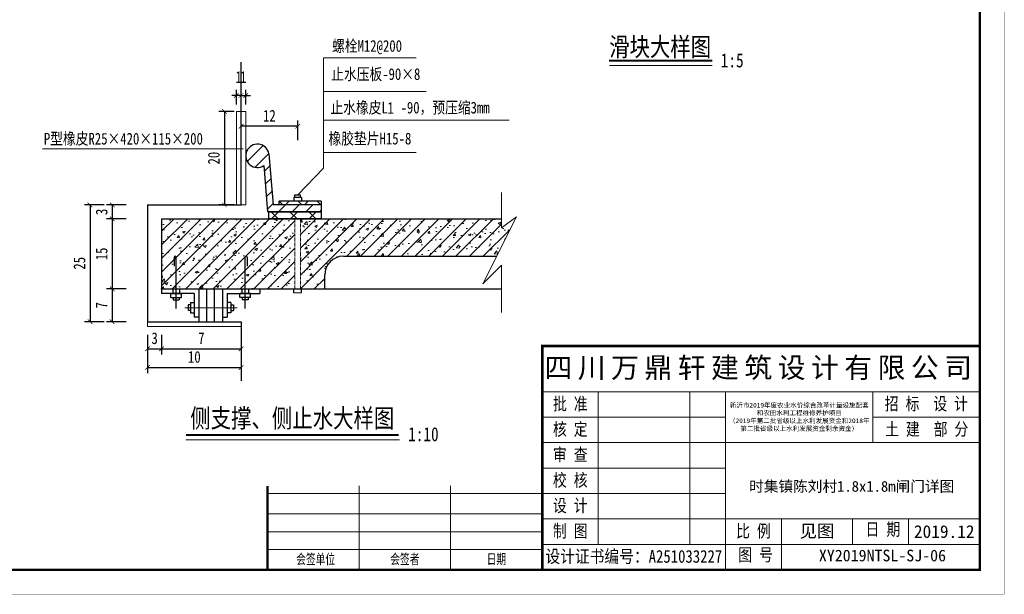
# Model space of a CAD drawing. Extents: x 36231 to 595326, y 3059 to 3871788.
# Tile 74 of 143: x 586472 to 586683, y 3864446 to 3864569. Entities that reach past the tile are written whole.
import ezdxf
from ezdxf.enums import TextEntityAlignment as Align
from ezdxf.lldxf.tags import DXFTag

# ---------------------------------------------------------------- set-up
doc = ezdxf.new("R2010")
doc.units = 0
doc.header["$PDMODE"] = 32
doc.header["$PDSIZE"] = 0.2
doc.linetypes.add('HIDDEN', pattern=[0.375, 0.25, -0.125])
doc.layers.get('0').update_dxf_attribs({"linetype": 'CONTINUOUS'})
doc.layers.get('Defpoints').update_dxf_attribs({"linetype": 'CONTINUOUS'})
for name, color, linetype, lineweight in [('0.13文字', 3, 'CONTINUOUS', 13), ('BIAOZHU', 8, 'CONTINUOUS', 13), ('图框１', 5, 'CONTINUOUS', 60), ('文字', 7, 'CONTINUOUS', 15), ('文字层', 7, 'CONTINUOUS', 15), ('标注', 6, 'CONTINUOUS', 9), ('标注线', 7, 'CONTINUOUS', 18), ('细实线', 3, 'CONTINUOUS', 20), ('细线', 7, 'CONTINUOUS', 15), ('虚线', 251, 'HIDDEN', 15), ('轮廓西线', 1, 'CONTINUOUS', 15)]:
    doc.layers.add(name, color=color, linetype=linetype, lineweight=lineweight)
doc.layers.add('图层4', color=255, linetype='CONTINUOUS')
doc.styles.add('-仿宋_GB2312', font='仿宋_GB2312_0.ttf')
doc.styles.add('HZTXT', font='仿宋_GB2312_0.ttf', dxfattribs={"width": 0.8, "height": 2.5})
doc.styles.add('LYJFS', font='times.ttf', dxfattribs={"width": 0.7})
tags = doc.linetypes.add('DASHDOT2', pattern=[0.5, 0.25, -0.125, 0, -0.125]).pattern_tags.tags
tags[10:11] = [DXFTag(74, 4), DXFTag(75, 0), DXFTag(340, '0'), DXFTag(46, 1.0), DXFTag(50, 0.0), DXFTag(44, 0.0), DXFTag(45, 0.0)]
tags[8:9] = [DXFTag(74, 4), DXFTag(75, 0), DXFTag(340, '0'), DXFTag(46, 1.0), DXFTag(50, 0.0), DXFTag(44, 0.0), DXFTag(45, 0.0)]
tags[6:7] = [DXFTag(74, 4), DXFTag(75, 0), DXFTag(340, '0'), DXFTag(46, 1.0), DXFTag(50, 0.0), DXFTag(44, 0.0), DXFTag(45, 0.0)]
tags[4:5] = [DXFTag(74, 4), DXFTag(75, 0), DXFTag(340, '0'), DXFTag(46, 1.0), DXFTag(50, 0.0), DXFTag(44, 0.0), DXFTag(45, 0.0)]
doc.dimstyles.new('工作室标准标注', dxfattribs={"dimtxt": 2.5, "dimasz": 1, "dimexe": 1.2, "dimexo": 1.5, "dimgap": 1, "dimtad": 1, "dimdec": 1, "dimzin": 0, "dimdsep": 46, "dimtxsty": 'HZTXT', "dimblk": 'ARCHTICK', "dimcen": 0.09, "dimadec": 0, "dimazin": 0, "dimtfac": 0.09, "dimtdec": 1, "dimtofl": 0, "dimtmove": 2, "dimatfit": 3, "dimldrblk": 'ARCHTICK', "dimfxl": 3, "dimfxlon": 1, "dimtolj": 1, "dimtzin": 0, "dimarcsym": 0})
pattern_1 = [(50, (586502.32, 3864511.6735), (5.46554, -0.47817), [0.5715, -6.2865]), (355, (586502.32, 3864511.6735), (-1.0573, 5.7317), [0.4572, -5.0292]), (100.451, (586502.7756, 3864511.6336), (4.40828, 5.2535), [0.4857, -5.3427]), (46.184, (586502.32, 3864513.1975), (8.1324, -1.26127), [0.85725, -9.42975]), (96.636, (586502.998, 3864513.092), (7.1221, 7.4228), [0.72855, -8.01405]), (351.184, (586502.32, 3864513.1975), (7.1221, 7.42275), [0.6858, -7.5438]), (21, (586503.082, 3864512.8165), (4.54845, -3.06797), [0.5715, -6.2865]), (326, (586503.082, 3864512.8165), (1.85406, 5.52564), [0.4572, -5.0292]), (71.4514, (586503.461, 3864512.561), (6.4025, 2.4577), [0.4857, -5.3427]), (37.5, (586502.3202, 3864511.6735), (0.09266, 2.53665), [0, -4.96824, 0, -5.1054, 0, -5.04825]), (7.5, (586502.3202, 3864511.6735), (2.00459, 3.00542), [0, -2.91084, 0, -4.85394, 0, -1.92405]), (327.5, (586500.621, 3864511.6735), (4.06772, -0.17186), [0, -1.905, 0, -5.9436, 0, -7.8867]), (317.5, (586499.859, 3864511.6735), (4.44388, 0.7628), [0, -2.4765, 0, -3.94716, 0, -5.6007])]
pattern_2 = [(225, (588850.1834, 3864216.212), (2.0205576, -2.0205576), []), (315, (588850.1834, 3864216.212), (2.0205576, 2.0205576), [])]

# ---------------------------------------------------------------- blocks, each defined once
blk = doc.blocks.new('_ARCHTICK')
at = {"color": 0, "linetype": 'ByBlock', "const_width": 0.15}
blk.add_lwpolyline([(-0.5, -0.5), (0.5, 0.5)], dxfattribs=at)
blk = doc.blocks.new('*D1693')
at = {"layer": 'Defpoints', "color": 0, "lineweight": 13}
for p in [(586499.32, 3864529.67), (586491.74, 3864526.67), (586494.65, 3864526.67)]:
    blk.add_point(p, dxfattribs=at)
at = {"layer": '细实线', "color": 0, "lineweight": -2}
for p, q in [((586494.74, 3864529.67), (586490.54, 3864529.67)), ((586491.74, 3864529.67), (586491.74, 3864526.67)), ((586493.15, 3864526.67), (586490.54, 3864526.67))]:
    blk.add_line(p, q, dxfattribs=at)
for p, rotation in [((586491.74, 3864529.67), 90), ((586491.74, 3864526.67), 270)]:
    blk.add_blockref('_ARCHTICK', p, dxfattribs=dict(at, rotation=rotation))
at = {"layer": '细实线', "color": 0, "lineweight": 9, "insert": (586489.49, 3864528.17), "char_height": 2.5, "attachment_point": 5, "rotation": 90, "style": 'HZTXT'}
blk.add_mtext('\\A1;3', dxfattribs=at)
blk = doc.blocks.new('*D1694')
at = {"layer": 'Defpoints', "color": 0, "lineweight": 13}
for p in [(586507.32, 3864526.67), (586491.74, 3864511.67), (586502.32, 3864511.67)]:
    blk.add_point(p, dxfattribs=at)
at = {"layer": '细实线', "color": 0, "lineweight": -2}
for p, q in [((586494.74, 3864526.67), (586490.54, 3864526.67)), ((586491.74, 3864526.67), (586491.74, 3864511.67)), ((586494.74, 3864511.67), (586490.54, 3864511.67))]:
    blk.add_line(p, q, dxfattribs=at)
for p, rotation in [((586491.74, 3864526.67), 90), ((586491.74, 3864511.67), 270)]:
    blk.add_blockref('_ARCHTICK', p, dxfattribs=dict(at, rotation=rotation))
at = {"layer": '细实线', "color": 0, "lineweight": 9, "insert": (586489.49, 3864519.17), "char_height": 2.5, "attachment_point": 5, "rotation": 90, "style": 'HZTXT'}
blk.add_mtext('\\A1;15', dxfattribs=at)
blk = doc.blocks.new('*D1695')
at = {"layer": 'Defpoints', "color": 0, "lineweight": 13}
for p in [(586502.32, 3864511.67), (586491.74, 3864504.67), (586499.32, 3864504.67)]:
    blk.add_point(p, dxfattribs=at)
at = {"layer": '细实线', "color": 0, "lineweight": -2}
for p, q in [((586494.74, 3864511.67), (586490.54, 3864511.67)), ((586491.74, 3864511.67), (586491.74, 3864504.67)), ((586494.74, 3864504.67), (586490.54, 3864504.67))]:
    blk.add_line(p, q, dxfattribs=at)
for p, rotation in [((586491.74, 3864511.67), 90), ((586491.74, 3864504.67), 270)]:
    blk.add_blockref('_ARCHTICK', p, dxfattribs=dict(at, rotation=rotation))
at = {"layer": '细实线', "color": 0, "lineweight": 9, "insert": (586489.49, 3864508.17), "char_height": 2.5, "attachment_point": 5, "rotation": 90, "style": 'HZTXT'}
blk.add_mtext('\\A1;7', dxfattribs=at)
blk = doc.blocks.new('*D1696')
at = {"layer": 'Defpoints', "color": 0, "lineweight": 13}
for p in [(586519.32, 3864546.5), (586531.45, 3864531.81), (586519.32, 3864529.67)]:
    blk.add_point(p, dxfattribs=at)
at = {"layer": '细实线', "color": 0, "lineweight": -2}
for p, q in [((586519.32, 3864543.5), (586519.32, 3864547.7)), ((586531.45, 3864543.5), (586531.45, 3864547.7)), ((586531.45, 3864546.5), (586519.32, 3864546.5))]:
    blk.add_line(p, q, dxfattribs=at)
at = {"layer": '细实线', "color": 0, "lineweight": -2, "rotation": 180}
blk.add_blockref('_ARCHTICK', (586519.32, 3864546.5), dxfattribs=at)
at = {"layer": '细实线', "color": 0, "lineweight": -2}
blk.add_blockref('_ARCHTICK', (586531.45, 3864546.5), dxfattribs=at)
at = {"layer": '细实线', "color": 0, "lineweight": 9, "insert": (586525.39, 3864548.75), "char_height": 2.5, "attachment_point": 5, "style": 'HZTXT'}
blk.add_mtext('\\A1;12', dxfattribs=at)
blk = doc.blocks.new('*D1745')
at = {"layer": 'Defpoints', "color": 0, "lineweight": 13}
for p in [(586499.32, 3864529.67), (586487, 3864504.67), (586499.32, 3864504.67)]:
    blk.add_point(p, dxfattribs=at)
at = {"layer": '细实线', "color": 0, "lineweight": -2}
for p, q in [((586490, 3864529.67), (586485.8, 3864529.67)), ((586487, 3864529.67), (586487, 3864504.67)), ((586490, 3864504.67), (586485.8, 3864504.67))]:
    blk.add_line(p, q, dxfattribs=at)
for p, rotation in [((586487, 3864529.67), 90), ((586487, 3864504.67), 270)]:
    blk.add_blockref('_ARCHTICK', p, dxfattribs=dict(at, rotation=rotation))
at = {"layer": '细实线', "color": 0, "lineweight": 9, "insert": (586484.75, 3864517.17), "char_height": 2.5, "attachment_point": 5, "rotation": 90, "style": 'HZTXT'}
blk.add_mtext('\\A1;25', dxfattribs=at)
blk = doc.blocks.new('*D1747')
at = {"layer": 'Defpoints', "color": 0, "lineweight": 13}
for p in [(586519.32, 3864549.67), (586515.75, 3864529.67), (586519.32, 3864529.67)]:
    blk.add_point(p, dxfattribs=at)
at = {"layer": '细实线', "color": 0, "lineweight": -2}
for p, q in [((586517.82, 3864549.67), (586514.55, 3864549.67)), ((586515.75, 3864549.67), (586515.75, 3864529.67)), ((586517.82, 3864529.67), (586514.55, 3864529.67))]:
    blk.add_line(p, q, dxfattribs=at)
for p, rotation in [((586515.75, 3864549.67), 90), ((586515.75, 3864529.67), 270)]:
    blk.add_blockref('_ARCHTICK', p, dxfattribs=dict(at, rotation=rotation))
at = {"layer": '细实线', "color": 0, "lineweight": 9, "insert": (586513.5, 3864539.67), "char_height": 2.5, "attachment_point": 5, "rotation": 90, "style": 'HZTXT'}
blk.add_mtext('\\A1;20', dxfattribs=at)
blk = doc.blocks.new('*D1748')
at = {"layer": 'Defpoints', "color": 0, "lineweight": 13}
for p in [(586519.32, 3864553.08), (586518.32, 3864549.67), (586519.32, 3864549.67)]:
    blk.add_point(p, dxfattribs=at)
at = {"layer": '细实线', "color": 0, "lineweight": -2}
for p, q in [((586518.32, 3864551.17), (586518.32, 3864554.28)), ((586519.32, 3864551.17), (586519.32, 3864554.28)), ((586518.32, 3864553.08), (586517.32, 3864553.08)), ((586519.32, 3864553.08), (586520.32, 3864553.08))]:
    blk.add_line(p, q, dxfattribs=at)
blk.add_blockref('_ARCHTICK', (586518.32, 3864553.08), dxfattribs=at)
at = {"layer": '细实线', "color": 0, "lineweight": -2, "rotation": 180}
blk.add_blockref('_ARCHTICK', (586519.32, 3864553.08), dxfattribs=at)
at = {"layer": '细实线', "color": 0, "lineweight": 9, "insert": (586518.82, 3864557.03), "char_height": 2.5, "attachment_point": 5, "style": 'HZTXT'}
blk.add_mtext('\\A1;1', dxfattribs=at)
blk = doc.blocks.new('*D1699')
at = {"layer": 'Defpoints', "color": 0, "lineweight": 13}
for p in [(586519.32, 3864553.08), (586519.32, 3864549.67), (586520.32, 3864549.67)]:
    blk.add_point(p, dxfattribs=at)
at = {"layer": '细实线', "color": 0, "lineweight": -2}
for p, q in [((586519.32, 3864551.17), (586519.32, 3864554.28)), ((586520.32, 3864551.17), (586520.32, 3864554.28)), ((586519.32, 3864553.08), (586518.32, 3864553.08)), ((586520.32, 3864553.08), (586521.32, 3864553.08))]:
    blk.add_line(p, q, dxfattribs=at)
blk.add_blockref('_ARCHTICK', (586519.32, 3864553.08), dxfattribs=at)
at = {"layer": '细实线', "color": 0, "lineweight": -2, "rotation": 180}
blk.add_blockref('_ARCHTICK', (586520.32, 3864553.08), dxfattribs=at)
at = {"layer": '细实线', "color": 0, "lineweight": 9, "insert": (586519.82, 3864557.03), "char_height": 2.5, "attachment_point": 5, "style": 'HZTXT'}
blk.add_mtext('\\A1;1', dxfattribs=at)
blk = doc.blocks.new('eesz')
at = {"layer": '图框１', "color": 7, "const_width": 0.467}
blk.add_lwpolyline([(25244.5, -497.6), (25244.5, -1980.6), (27344.5, -1980.6), (27344.5, -497.6)], close=True, dxfattribs=at)
blk.add_lwpolyline([(25244.5, -497.6), (25244.5, -1980.6), (27344.5, -1980.6), (27344.5, -497.6)], close=True, dxfattribs=at)
at = {"layer": '图框１', "color": 5, "const_width": 0.467}
blk.add_lwpolyline([(25244.5, -497.6), (25244.5, -1980.6), (27344.5, -1980.6), (27344.5, -497.6)], close=True, dxfattribs=at)
at = {"layer": '图框１', "color": 7}
blk.add_lwpolyline([(25322.3, -518.3, 3.11, 3.11, 0), (27318.5, -518.3, 2.59, 2.59, 0), (27318.5, -1954.6, 2.59, 2.59, 0), (25322.3, -1954.6, 2.59, 2.59, 0)], format="xyseb", close=True, dxfattribs=at)
blk.add_lwpolyline([(25322.3, -518.3, 3.11, 3.11, 0), (27318.5, -518.3, 2.59, 2.59, 0), (27318.5, -1954.6, 2.59, 2.59, 0), (25322.3, -1954.6, 2.59, 2.59, 0)], format="xyseb", close=True, dxfattribs=at)
at = {"layer": '图框１', "color": 5}
blk.add_lwpolyline([(25322.3, -518.3, 3.11, 3.11, 0), (27318.5, -518.3, 2.59, 2.59, 0), (27318.5, -1954.6, 2.59, 2.59, 0), (25322.3, -1954.6, 2.59, 2.59, 0)], format="xyseb", close=True, dxfattribs=at)
at = {"layer": '细线', "color": 7}
for p, q in [((26850.3, -1715.1), (27318.5, -1715.1)), ((26850.3, -1764.1), (27318.5, -1764.1)), ((26910.2, -1764.1), (26910.2, -1927.4)), ((27008.2, -1764.1), (27008.2, -1927.4)), ((27046.3, -1764.1), (27046.3, -1954.6)), ((27204.2, -1764.1), (27204.2, -1818.5)), ((26850.3, -1791.3), (27046.3, -1791.3)), ((27204.2, -1791.3), (27318.5, -1791.3)), ((26850.3, -1818.5), (27318.5, -1818.5)), ((26850.3, -1845.7), (27046.3, -1845.7)), ((26556.3, -1873), (26850.3, -1873)), ((26654.3, -1864.8), (26654.3, -1954.6)), ((26752.3, -1864.8), (26752.3, -1954.6)), ((26850.3, -1873), (27046.3, -1873)), ((26556.3, -1894.7), (26850.3, -1894.7)), ((26850.3, -1900.2), (27318.5, -1900.2)), ((27106.2, -1900.2), (27106.2, -1954.6)), ((27182.4, -1900.2), (27182.4, -1927.4)), ((27242.3, -1900.2), (27242.3, -1927.4)), ((26556.3, -1913.8), (26850.3, -1913.8)), ((26850.3, -1927.4), (27318.5, -1927.4)), ((26556.3, -1932.9), (26850.3, -1932.9))]:
    blk.add_line(p, q, dxfattribs=at)
at = {"layer": '细线', "color": 7, "const_width": 2.72}
for points in [[(27318.5, -1715.1), (26850.3, -1715.1), (26850.3, -1954.6)], [(26556.3, -1864.8), (26556.3, -1954.6)]]:
    blk.add_lwpolyline(points, dxfattribs=at)
at = {"layer": '文字', "color": 7, "line_spacing_factor": 0.5, "style": '-仿宋_GB2312'}
for s, insert, char_height, width, attachment_point in [('{\\fSimSun|b0|i0|c134|p2;\\T1.2;\\C256;四川万鼎轩建筑设计有限公司}', (27084.4, -1739.6), 21.778, 468.222, 5), ('{\\W0.8;批 准}', (26880.3, -1777.7), 13.611, 59.889, 5), ('{\\W0.8;招 标  设 计}', (27261.3, -1777.7), 13.611, 114.153, 5), ('{\\W0.8;核 定}', (26880.3, -1804.9), 13.611, 59.889, 5), ('{\\W0.8;土 建  部 分}', (27261.7, -1804.9), 13.611, 114.902, 5), ('{\\W0.8;审 查}', (26880.3, -1832.1), 13.611, 59.889, 5), ('{\\W0.8;校 核}', (26880.3, -1859.4), 13.611, 59.889, 5), ('{\\W0.8;设 计}', (26880.3, -1886.6), 13.611, 59.889, 5), ('{\\W0.8;制 图}', (26880.3, -1913.8), 13.611, 59.889, 5), ('{\\W0.8;比 例}', (27076.3, -1913.8), 13.611, 59.889, 5), ('见图', (27144.3, -1913.8), 13.61, 76.222, 5), ('{\\W0.8;日 期}', (27196.2, -1904.4), 13.611, 54.508, 1), ('2019.12', (27280.4, -1913.8), 13.61, 76.222, 5), ('{\\W0.7; 会签单位}', (26605.3, -1943.7), 10.889, 98, 5), ('{\\W0.7;会签者}', (26703.3, -1943.7), 10.889, 98, 5), ('{\\W0.7;日期}', (26801.3, -1943.7), 10.89, 98, 5), ('{\\W0.85;设计证书编号：A251033227}', (26948.3, -1941), 13.611, 196, 5), ('{\\W0.8;图 号}', (27060.1, -1931.7), 13.611, 54.508, 1)]:
    blk.add_mtext(s, dxfattribs=dict(at, insert=insert, char_height=char_height, width=width, attachment_point=attachment_point))
at = {"layer": '文字', "color": 7, "insert": (27125.3, -1791.3), "char_height": 5, "width": 157.889, "attachment_point": 5, "style": '-仿宋_GB2312'}
blk.add_mtext('新沂市2019年度农业水价综合改革计量设施配套\\P和农田水利工程维修养护项目\\P（2019年第二批省级以上水利发展资金和2018年\\P第二批省级以上水利发展资金剩余资金）', dxfattribs=at)

msp = doc.modelspace()

# ---------------------------------------------------------------- hatches: boundary and pattern name
at = {"layer": 'BIAOZHU'}
h = msp.add_hatch(dxfattribs=at)
h.set_pattern_fill('ANSI31', color=256, scale=0.65, style=0)
h.set_pattern_definition([(45, (613026.0555, 3881605.6907), (-1.45929162, 1.45929162), [])])
h.paths.add_polyline_path([(586524.2, 3864538.09), (586524.95, 3864528.17), (586536.45, 3864528.17), (586536.45, 3864529.67), (586526.21, 3864529.67), (586525.28, 3864540.61, 3.353267)])
h = msp.add_hatch(dxfattribs=at)
h.set_pattern_fill('AR-CONC', color=256, scale=0.03, style=0)
h.set_pattern_definition(pattern_1)
h.paths.add_polyline_path([(586530.85, 3864526.67), (586525.25, 3864526.67), (586502.32, 3864526.67), (586502.32, 3864511.67), (586516.32, 3864511.67), (586530.85, 3864511.67)])
h = msp.add_hatch(dxfattribs=at)
h.set_pattern_fill('ANSI31', color=256, scale=0.65, style=0)
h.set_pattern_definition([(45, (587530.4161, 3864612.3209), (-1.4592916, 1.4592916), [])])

→ ACTIVITY: Search the records for the word "DXFTag". Copy every line that has it.

→ RESPONSE TO THE EXERCISE:
from ezdxf.lldxf.tags import DXFTag
tags[10:11] = [DXFTag(74, 4), DXFTag(75, 0), DXFTag(340, '0'), DXFTag(46, 1.0), DXFTag(50, 0.0), DXFTag(44, 0.0), DXFTag(45, 0.0)]
tags[8:9] = [DXFTag(74, 4), DXFTag(75, 0), DXFTag(340, '0'), DXFTag(46, 1.0), DXFTag(50, 0.0), DXFTag(44, 0.0), DXFTag(45, 0.0)]
tags[6:7] = [DXFTag(74, 4), DXFTag(75, 0), DXFTag(340, '0'), DXFTag(46, 1.0), DXFTag(50, 0.0), DXFTag(44, 0.0), DXFTag(45, 0.0)]
tags[4:5] = [DXFTag(74, 4), DXFTag(75, 0), DXFTag(340, '0'), DXFTag(46, 1.0), DXFTag(50, 0.0), DXFTag(44, 0.0), DXFTag(45, 0.0)]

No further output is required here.